Piorando, tento ir à Europa pelo menos uma vez por ano, e lá também, em diversos países, encontram-se essas simpáticas coleções da Altaya e Panini em bancas. Já comprei joias como um Simca antigo, um gigantesco Citroen de rally, o Ford Capri que ganhou as 24 Horas de SPA de 1978 e um lindíssimo Tyrrel 006, de uma coleção chamada F1 Car Collection, da Panini.  Na Itália, a coleção já tinha atingido um número grande de fascículos, e eu babando, me remoendo, querendo comprar tudo no ebay. Diga-se de passagem, a um preço bem melhor do que as miniaturas das lojas e sites.

Certo dia, chegando no meu escritório de manhã, justo na semana do GP dos EUA, achei que finalmente poderia me livrar da terrível inveja que corroía os mais profundos recônditos do meu ser. 

Ao abrir o site da Autosport.com, havia um vistoso anúncio que introduzia a coleção Formula 1 Car Collection nos EUA. Meus problemas estavam resolvidos! Adeus inveja. Poderia finalmente expandir minha coleção sem ter que hipotecar meu apartamento. Duas miniaturas por mês, cada uma a US$ 19,95 mais US$ 4,95 de despacho. Além disso, diversos presentinhos. A primeira miniatura custaria somente os US$ 4,95!

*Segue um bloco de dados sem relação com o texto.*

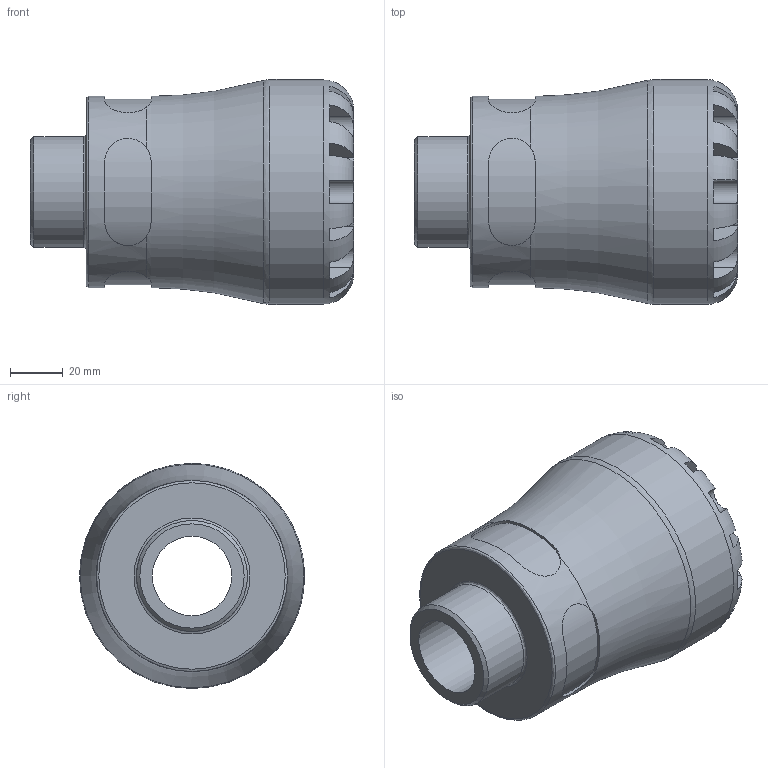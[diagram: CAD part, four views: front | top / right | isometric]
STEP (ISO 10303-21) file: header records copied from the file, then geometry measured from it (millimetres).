
FILE_DESCRIPTION(/* description */ ('PLASSON MALE ADAPTOR 50X1.1/4" SERIES 1'),/* implementation_level */ '2;1');
FILE_NAME(/* name */ 'C:\Dropbox\KIMPROJECTS-Inventor\99-16-3568-Processing\S1\1002\100200050013_190200050013.ipt.stp',/* time_stamp */ '2017-07-27T14:39:33+03:00',/* author */ ('KIM'),/* organization */ (''),/* preprocessor_version */ 'ST-DEVELOPER v15.6',/* originating_system */ 'Autodesk Inventor 2015',/* authorisation */ '');
FILE_SCHEMA (('AUTOMOTIVE_DESIGN { 1 0 10303 214 3 1 1 }'));
Length unit declared in the file: millimetre
Products named in the file (1): 100200050013_190200050013
Bounding box: 122 x 85 x 85 mm (x, y, z)
Volume: 316839.5 mm3; surface area: 53672.2 mm2
Topology: 1 solids, 1 shells, 100 faces, 257 edges, 161 vertices
Faces by surface type: plane 60, cylinder 33, torus 5, cone 2
Full cylindrical faces by diameter (mm): 30 x1, 41.91 x1, 50 x1, 72.25 x1, 85 x1
Entity records: 3812 total; most frequent: CARTESIAN_POINT 1493, ORIENTED_EDGE 484, DIRECTION 462, EDGE_CURVE 242, AXIS2_PLACEMENT_3D 191, VERTEX_POINT 158, EDGE_LOOP 116, FACE_OUTER_BOUND 100
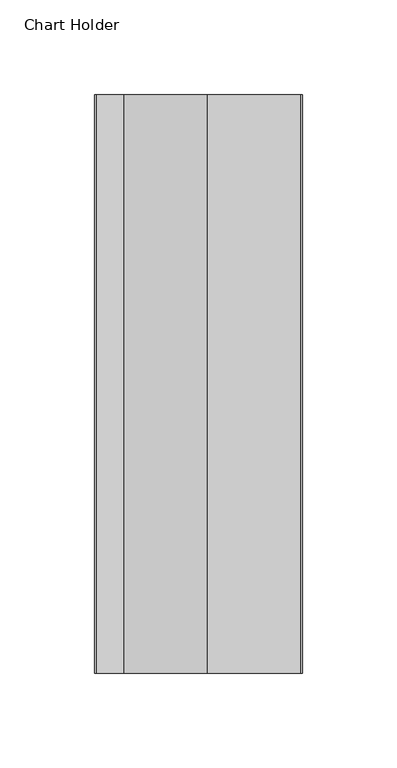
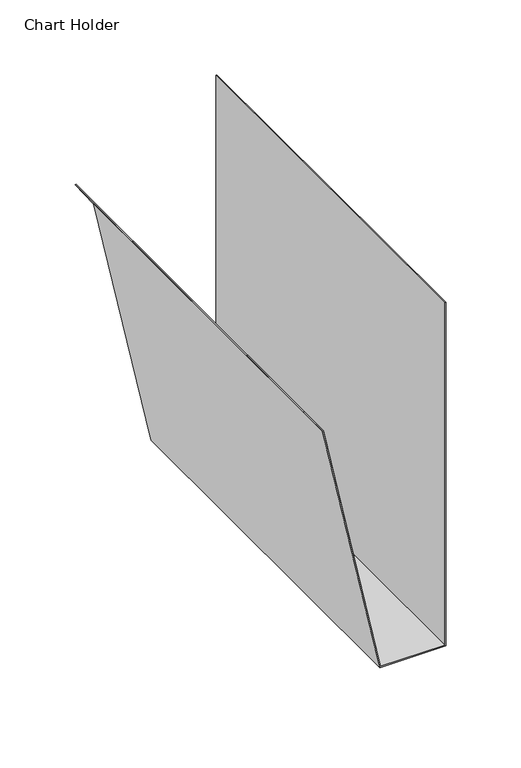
"""IFC4 building model written with IfcOpenShell, lengths in millimetres: furniture geometry, HermanMiller_Carts_CT730_ChartHolder : Chart Holder."""

from ifc_helpers import new_model, si_unit, frame, origin, place, context, project, spatial, polyline, outline, extrude, source, transform, mapped, element, save


def chart_holder_d666e0df(model_context):
    return source(origin(), model_context, "Body", "SweptSolid", [
        extrude(outline(polyline([(862.8595377, -40.2208266), (655.066, 4.0360955), (655.066, 54.8360983), (934.466, 54.8360983), (934.466, 54.0423483), (655.85975, 54.0423483), (655.85975, 4.6607886), (862.8595377, -39.4270766), (883.5399405, -53.9076517), (883.5399405, -54.7014017), (862.8595377, -40.2208266)])), frame((0.0, -152.4, 0.0), z_axis=(0.0, 1.0, 0.0), x_axis=(0.0, 0.0, 1.0)), (0.0, 0.0, 1.0), 304.8),
    ])


if __name__ == "__main__":
    model = new_model("IFC4")
    model_context = context("Model", 3, world=origin())
    ifc_project = project(units=[si_unit("LENGTHUNIT", "METRE", prefix="MILLI")], contexts=[model_context])
    site = spatial("IfcSite", under=ifc_project)
    building = spatial("IfcBuilding", under=site)
    placement = place(None, origin())
    chart_holder_shape = chart_holder_d666e0df(model_context)
    element("IfcFurniture", 1, ObjectType="HermanMiller_Carts_CT730_ChartHolder : Chart Holder", at=placement, inside=building, context=model_context, shape_type="MappedRepresentation", body=[
        mapped(chart_holder_shape, transform((0.0, 0.0, 0.0), x_axis=(1.0, 0.0, 0.0), y_axis=(0.0, 1.0, 0.0), z_axis=(0.0, 0.0, 1.0))),
    ])
    save(model, "model.ifc")
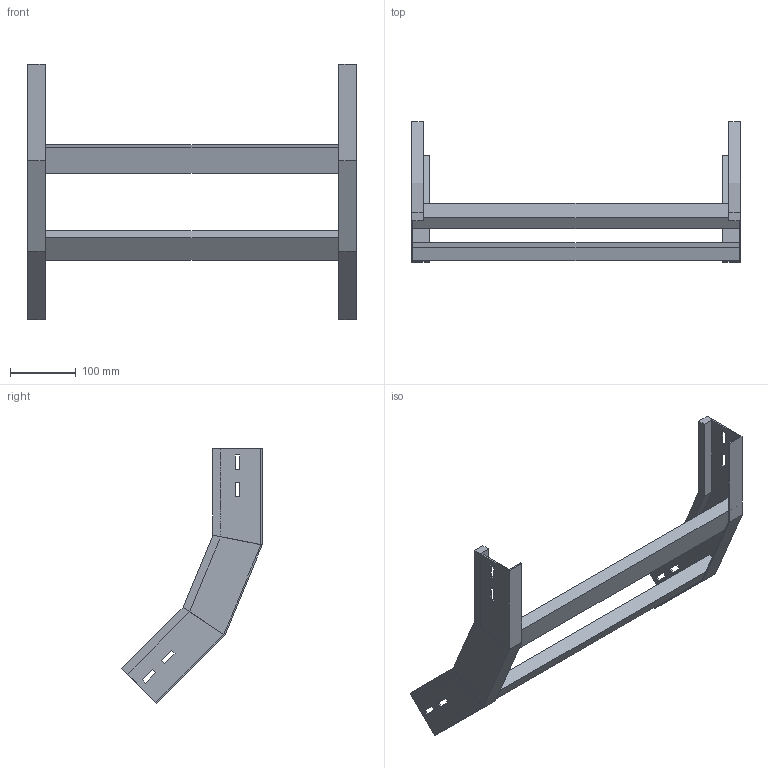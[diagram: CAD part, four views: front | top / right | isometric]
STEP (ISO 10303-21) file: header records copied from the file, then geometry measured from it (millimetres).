
FILE_DESCRIPTION (( 'STEP AP214' ), '1' );
FILE_NAME ('A2X31B3C500XX.step', '2025-03-20T10:09:03', ( '' ), ( '' ), 'SwSTEP 2.0', 'SolidWorks 2023', '' );
FILE_SCHEMA (( 'AUTOMOTIVE_DESIGN' ));
Length unit declared in the file: millimetre
Products named in the file (3): A2X31B3C500XX; LONGH.SALITA_45°_H75_R300; TRAVERSINO_500
Assembly tree (4 placements, depth 2):
  A2X31B3C500XX
    LONGH.SALITA_45°_H75_R300  x2
    TRAVERSINO_500  x2
Bounding box: 500 x 213.56 x 387.55 mm (x, y, z)
Volume: 1117315.1 mm3; surface area: 319050.7 mm2
Topology: 4 solids, 4 shells, 96 faces, 232 edges, 144 vertices
Faces by surface type: plane 96
Entity records: 1472 total; most frequent: CARTESIAN_POINT 243, ORIENTED_EDGE 232, DIRECTION 226, EDGE_CURVE 116, VECTOR 116, LINE 116, VERTEX_POINT 72, EDGE_LOOP 56
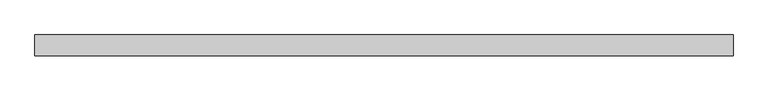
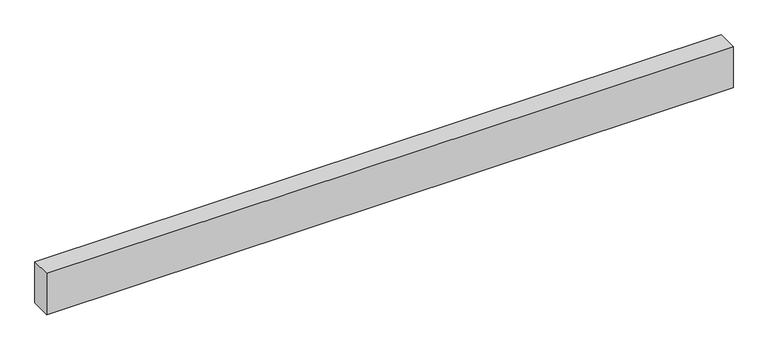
"""IFC4 building model written with IfcOpenShell, lengths in millimetres: proxy geometry."""

from ifc_helpers import new_model, si_unit, frame, origin, place, context, project, spatial, polyline, outline, extrude, source, transform, mapped, element, save


def structural_framing_6d77a632(model_context):
    return source(origin(), model_context, "Body", "SweptSolid", [
        extrude(outline(polyline([(-2362.85, -70.0), (-2362.85, 70.0), (2362.85, 70.0), (2362.85, -70.0), (-2362.85, -70.0)])), frame((0.0, 0.0, -300.0), z_axis=(0.0, 0.0, 1.0), x_axis=(1.0, 0.0, 0.0)), (0.0, 0.0, 1.0), 300.0),
    ])


if __name__ == "__main__":
    model = new_model("IFC4")
    model_context = context("Model", 3, world=origin())
    ifc_project = project(units=[si_unit("LENGTHUNIT", "METRE", prefix="MILLI")], contexts=[model_context])
    site = spatial("IfcSite", under=ifc_project)
    building = spatial("IfcBuilding", under=site)
    placement = place(None, origin())
    structural_framing_shape = structural_framing_6d77a632(model_context)
    element("IfcBuildingElementProxy", 1, Name="Structural Framing", at=placement, inside=building, context=model_context, shape_type="MappedRepresentation", body=[
        mapped(structural_framing_shape, transform((0.0, 0.0, 0.0), x_axis=(1.0, 0.0, 0.0), y_axis=(0.0, 1.0, 0.0), z_axis=(0.0, 0.0, 1.0))),
    ])
    save(model, "model.ifc")
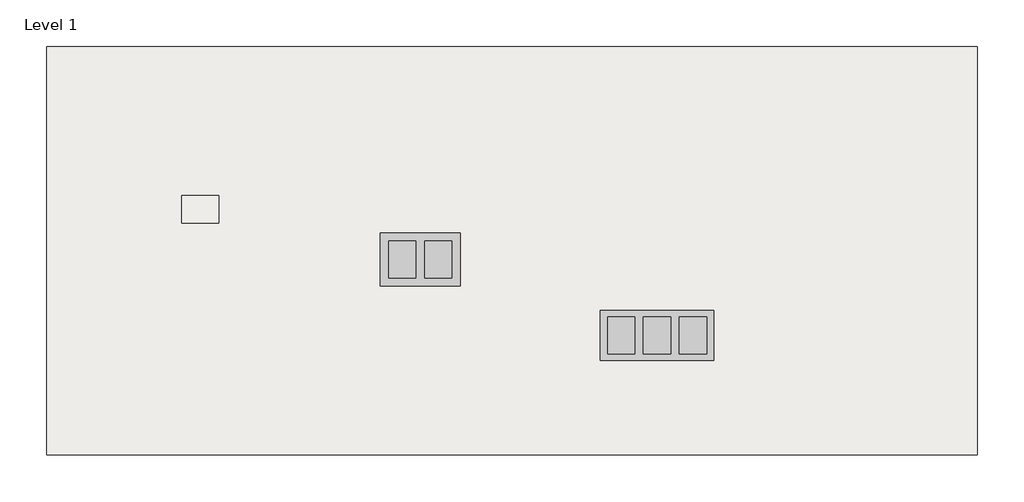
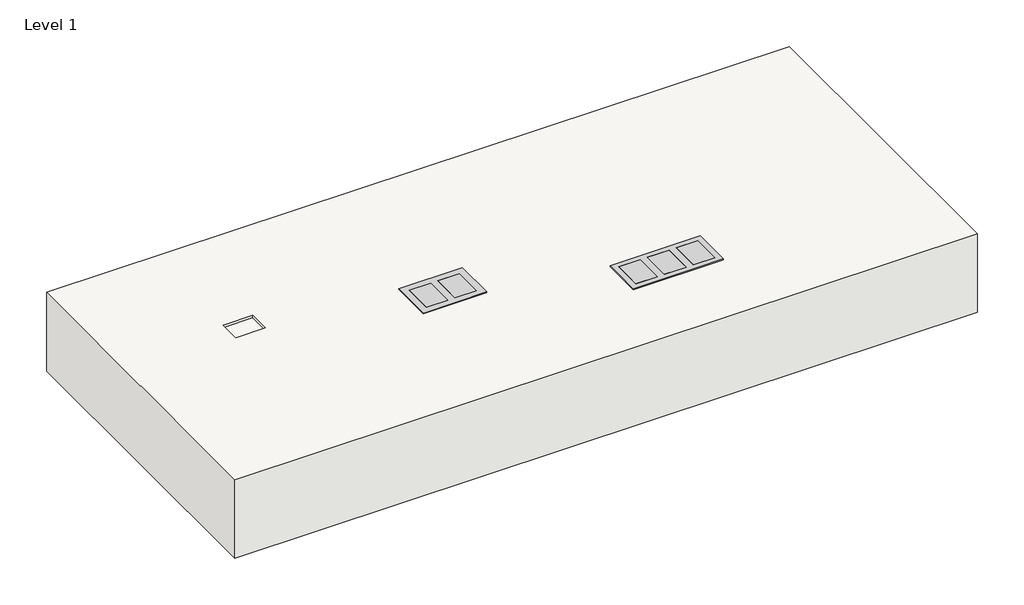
# One storey: 2 proxies, 1 slab.
"""IFC4 building model written with IfcOpenShell, lengths in millimetres."""

from ifc_helpers import new_model, si_unit, origin, place, context, project, spatial, faceted_brep, transform, mapped, element, save
from components import standard_f115a3e9, standard_0954b91d

model = new_model("IFC4")

# Units and contexts
model_context = context("Model", 3, world=origin())
ifc_project = project(units=[si_unit("LENGTHUNIT", "METRE", prefix="MILLI")], contexts=[model_context])

# Site, building, storey
site = spatial("IfcSite", under=ifc_project)
building = spatial("IfcBuilding", under=site)
storey = spatial("IfcBuildingStorey", under=building, Name="Level 1", Elevation=0.0)

# Proxies
placement = place(None, origin())
standard_shape = standard_f115a3e9(model_context)
element("IfcBuildingElementProxy", 1, Name="Floor_Box-OmniBox_Series-Wiremold-880_Steel-2_Gang-Fire_Classified : Standard", ObjectType="Floor_Box-OmniBox_Series-Wiremold-880_Steel-2_Gang-Fire_Classified : Standard", at=placement, inside=storey, context=model_context, shape_type="MappedRepresentation", body=[
    mapped(standard_shape, transform((2923.9529726, 756.5974183, 0.0), x_axis=(-1.0000000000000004, 0.0, 0.0), y_axis=(0.0, -1.0000000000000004, 0.0), z_axis=(0.0, 0.0, 1.0))),
])
standard_2_shape = standard_0954b91d(model_context)
element("IfcBuildingElementProxy", 2, Name="Floor_Box-OmniBox_Series-Wiremold-880_Steel-3_Gang-Fire_Classified : Standard", ObjectType="Floor_Box-OmniBox_Series-Wiremold-880_Steel-3_Gang-Fire_Classified : Standard", at=placement, inside=storey, context=model_context, shape_type="MappedRepresentation", body=[
    mapped(standard_2_shape, transform((3615.5208256, 534.487576, 0.0), x_axis=(-1.0000000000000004, 0.0, 0.0), y_axis=(0.0, -1.0000000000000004, 0.0), z_axis=(0.0, 0.0, 1.0))),
])

# Slab
element("IfcSlab", 3, ObjectType="Generic - 12\"", at=placement, inside=storey, context=model_context, shape_type="Brep", body=[
    faceted_brep([(4550.9973575, 1378.9766815, -304.8), (4550.9973575, 185.1766815, -304.8), (1833.1973575, 185.1766815, -304.8), (1833.1973575, 1378.9766815, -304.8), (4550.9973575, 185.1766815, 0.0), (4550.9973575, 1378.9766815, 0.0), (1833.1973575, 1378.9766815, 0.0), (1833.1973575, 185.1766815, 0.0), (2227.5002696, 863.5967745, 0.0), (2227.5002696, 942.9717745, 0.0), (2335.4502696, 942.9717745, 0.0), (2335.4502696, 863.5967745, 0.0), (2911.2402726, 702.6224183, 0.0), (2831.8652726, 702.6224183, 0.0), (2831.8652726, 810.5724183, 0.0), (2911.2402726, 810.5724183, 0.0), (2831.8652726, 702.6224183, -9.525), (2911.2402726, 702.6224183, -9.525), (2911.2402726, 810.5724183, -9.525), (2831.8652726, 810.5724183, -9.525), (2227.5002696, 942.9717745, -9.525), (2227.5002696, 863.5967745, -9.525), (2335.4502696, 863.5967745, -9.525), (2335.4502696, 942.9717745, -9.525)], [[[0, 1, 2, 3]], [[4, 5, 6, 7], [8, 9, 10, 11], [12, 13, 14, 15]], [[1, 0, 5, 4]], [[2, 1, 4, 7]], [[3, 2, 7, 6]], [[0, 3, 6, 5]], [[16, 17, 18, 19]], [[17, 16, 13, 12]], [[18, 17, 12, 15]], [[19, 18, 15, 14]], [[16, 19, 14, 13]], [[20, 21, 22, 23]], [[21, 20, 9, 8]], [[22, 21, 8, 11]], [[23, 22, 11, 10]], [[20, 23, 10, 9]]]),
])

save(model, "model.ifc")
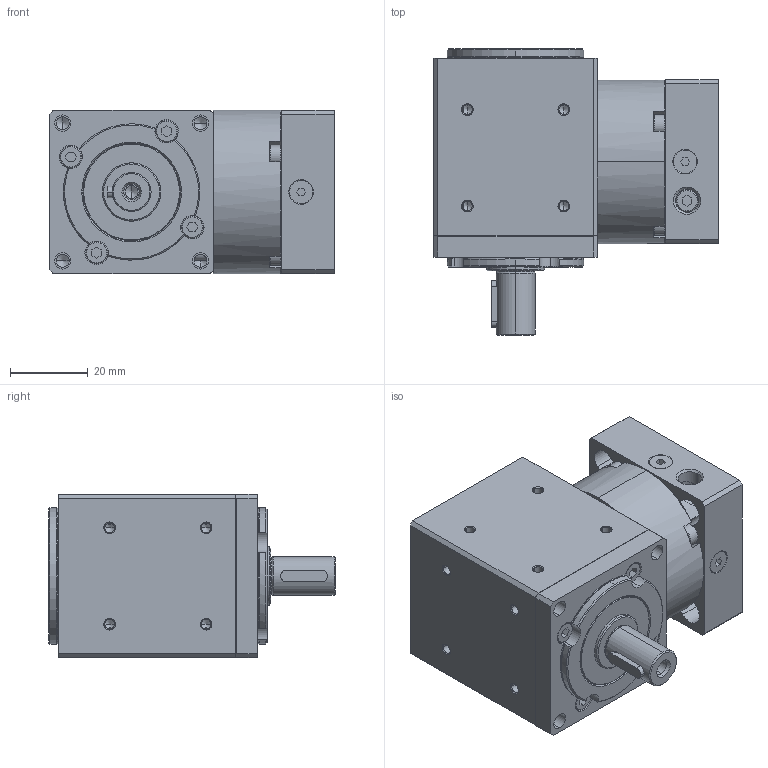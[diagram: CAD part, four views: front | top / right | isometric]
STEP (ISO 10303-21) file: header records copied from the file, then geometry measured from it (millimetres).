
FILE_DESCRIPTION (( 'STEP AP203' ), '1' );
FILE_NAME ('RLAS-042-00X.STEP', '2012-02-27T18:22:39', ( 'render' ), ( '' ), 'SwSTEP 2.0', 'SolidWorks 2011', '' );
FILE_SCHEMA (( 'CONFIG_CONTROL_DESIGN' ));
Length unit declared in the file: millimetre
Products named in the file (1): RLAS-042-00X
Bounding box: 73 x 73.5 x 42 mm (x, y, z)
Volume: 95141 mm3; surface area: 55474.5 mm2
Topology: 26 solids, 26 shells, 1013 faces, 2521 edges, 1564 vertices
Faces by surface type: cylinder 368, cone 306, plane 280, bspline 59
Entity records: 35739 total; most frequent: CARTESIAN_POINT 11916, DIRECTION 5013, ORIENTED_EDGE 4918, EDGE_CURVE 2459, AXIS2_PLACEMENT_3D 1961, VERTEX_POINT 1564, EDGE_LOOP 1181, VECTOR 1091
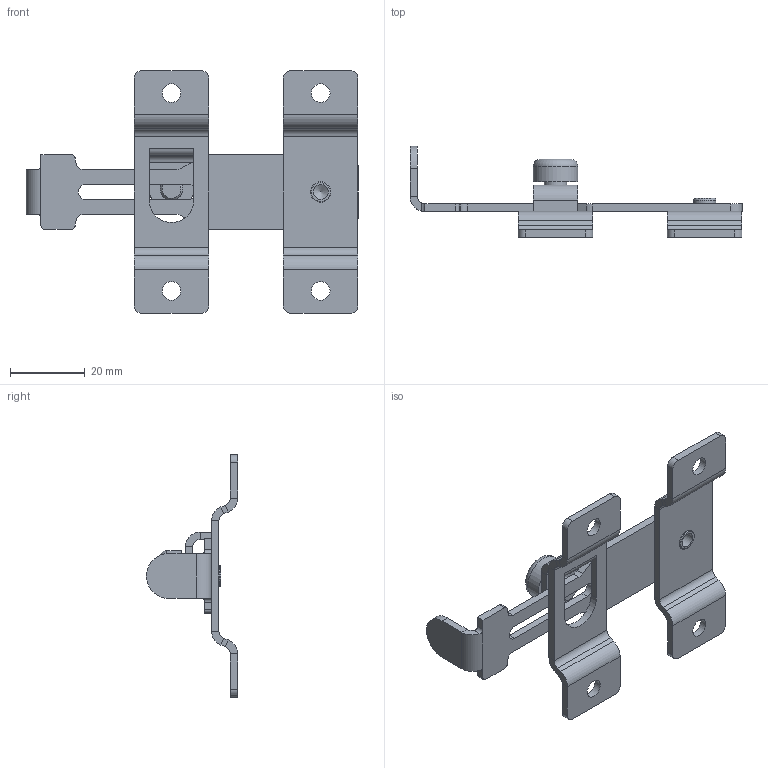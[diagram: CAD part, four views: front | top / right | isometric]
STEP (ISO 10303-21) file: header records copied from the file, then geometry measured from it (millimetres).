
FILE_DESCRIPTION(/* description */ (''),/* implementation_level */ '2;1');
FILE_NAME(/* name */ 'C:\Users\Owner\Documents\硯聰\Inv材料庫-自訂\特殊配件\旋轉打掛組合.stp',/* time_stamp */ '2019-04-01T15:59:34+08:00',/* author */ ('Owner'),/* organization */ (''),/* preprocessor_version */ 'ST-DEVELOPER v16.1',/* originating_system */ 'Autodesk Inventor 2016',/* authorisation */ '');
FILE_SCHEMA (('AUTOMOTIVE_DESIGN { 1 0 10303 214 3 1 1 }'));
Length unit declared in the file: millimetre
Products named in the file (6): 旋轉打掛-主體-B; 旋轉打掛-主體-A; 旋轉打掛-軸心; 旋轉打掛-固定板; 旋轉打掛-螺絲; 旋轉打掛組合
Assembly tree (5 placements, depth 2):
  旋轉打掛組合
    旋轉打掛-主體-B
    旋轉打掛-主體-A
    旋轉打掛-軸心
    旋轉打掛-固定板
    旋轉打掛-螺絲
Bounding box: 89.01 x 24.47 x 65 mm (x, y, z)
Volume: 9281 mm3; surface area: 10862.6 mm2
Topology: 5 solids, 5 shells, 168 faces, 379 edges, 224 vertices
Faces by surface type: plane 102, cylinder 60, torus 4, cone 2
Full cylindrical faces by diameter (mm): 4 x1, 5 x7, 5.5 x1, 6 x3, 12 x1
Entity records: 4688 total; most frequent: DIRECTION 838, CARTESIAN_POINT 797, ORIENTED_EDGE 718, EDGE_CURVE 359, AXIS2_PLACEMENT_3D 304, LINE 230, VECTOR 230, VERTEX_POINT 223

A primeira miniatura estava me esperando na volta da minha viagem à Europa. Uma linda McLaren de Ayrton Senna. Entusiasmado com o meu futuro, esperei vir dezembro. E janeiro, fevereiro, março…Os próximos anos da minha vida adquiriam uma dimensão diferente.
Veio dezembro. De repente, aparece no meu cartão de crédito uma cobrança de US$ 66 dólares, de uma empresa de roupas de bebê situada na Escócia. Oras, nunca tive filhos e estou com idade de ser avô, não pai. Contestei a cobrança, um óbvio erro. Pensei que tinha algo a ver com a minha assinatura das miniaturas e tentei estabelecer contato com o site. Daí, a surpresa: o site estava fora do ar! Crise!


Um belo dia, chegam as duas miniaturas de dezembro, uma Ferrari de 1976 e Mercedes de 2014. E um dos presentes. Fiquei encafifado.  

Fora do ar até meus sites ficam às vezes. Tentei entrar no site americano diversas vezes, para esclarecer a questão da cobrança errada. Emails enviados não foram respondidos, o site da Inglaterra disse nada ter a ver com o site dos EUA, e a página do Facebook também. Os sites da Inglaterra, Nova Zelândia e Austrália continuam no ar, normalmente.

Enfim, a realidade é às vezes dura, mas parece que dancei. Pelo jeito, a tal coleção não vendeu o suficiente nos EUA, e a cancelaram sem avisar ninguém. Na base do fui!

Por isso digo que, essa história de fazer dois GPs nos EUA não vai dar certo. Como não deu no passado – mais de uma vez. Mesmo com donos americanos, a F-1 tem uma base de fãs muito incipiente no país.

Portanto, caros amigos, volto à sórdida prática da inveja. Pelo jeito, permanentemente.